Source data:
######
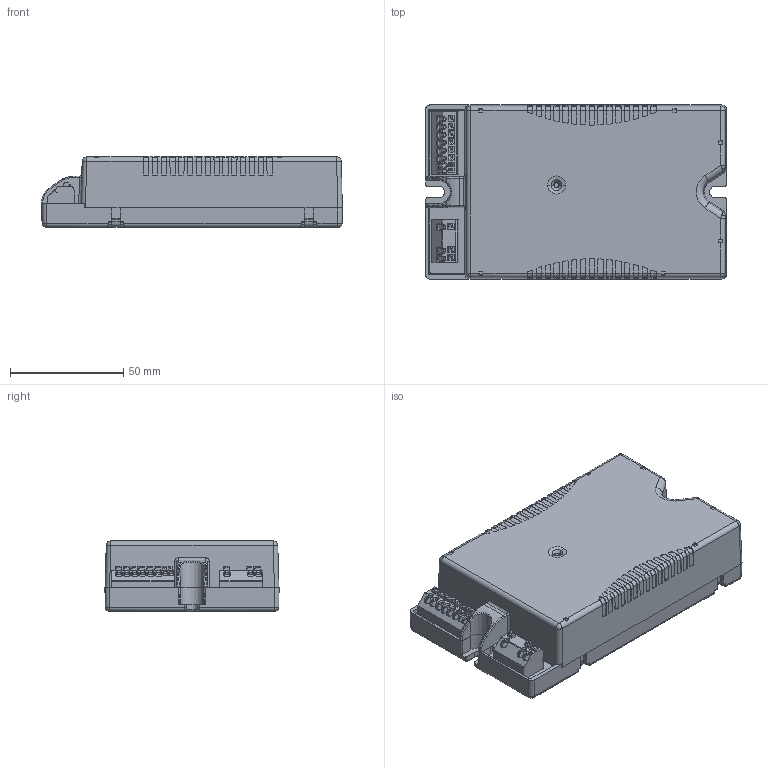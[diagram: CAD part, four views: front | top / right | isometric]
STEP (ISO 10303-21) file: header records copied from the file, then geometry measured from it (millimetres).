
FILE_DESCRIPTION((''),'2;1');
FILE_NAME('15013449','2021-01-12T16:40:14',('elon.guo'),(''),'CREO PARAMETRIC BY PTC INC, 2019164','CREO PARAMETRIC BY PTC INC, 2019164','');
FILE_SCHEMA(('CONFIG_CONTROL_DESIGN'));
Products named in the file (1): 15013449
Bounding box: 133.04 x 77.08 x 31 mm (x, y, z)
Volume: 67715.8 mm3; surface area: 85957.1 mm2
Topology: 1 solids, 3 shells, 3440 faces, 9660 edges, 6268 vertices
Faces by surface type: plane 1580, extrusion 796, cylinder 762, bspline 149, sphere 63, cone 61, torus 29
Entity records: 124357 total; most frequent: CARTESIAN_POINT 40209, ORIENTED_EDGE 19180, DIRECTION 14243, EDGE_CURVE 9590, VECTOR 6413, VERTEX_POINT 6268, LINE 5617, AXIS2_PLACEMENT_3D 3915
######
**TASK OBJECTIVE:** When you transcribe the entries, reproduce each line exactly and skip any picture.

**OUTPUT BELOW:**
[diagram: CAD part, four views: front | top / right | isometric]
STEP (ISO 10303-21) file: header records copied from the file, then geometry measured from it (millimetres).
FILE_DESCRIPTION((''),'2;1');
FILE_NAME('15013449','2021-01-12T16:40:14',('elon.guo'),(''),'CREO PARAMETRIC BY PTC INC, 2019164','CREO PARAMETRIC BY PTC INC, 2019164','');
FILE_SCHEMA(('CONFIG_CONTROL_DESIGN'));
Products named in the file (1): 15013449
Bounding box: 133.04 x 77.08 x 31 mm (x, y, z)
Volume: 67715.8 mm3; surface area: 85957.1 mm2
Topology: 1 solids, 3 shells, 3440 faces, 9660 edges, 6268 vertices
Faces by surface type: plane 1580, extrusion 796, cylinder 762, bspline 149, sphere 63, cone 61, torus 29
Entity records: 124357 total; most frequent: CARTESIAN_POINT 40209, ORIENTED_EDGE 19180, DIRECTION 14243, EDGE_CURVE 9590, VECTOR 6413, VERTEX_POINT 6268, LINE 5617, AXIS2_PLACEMENT_3D 3915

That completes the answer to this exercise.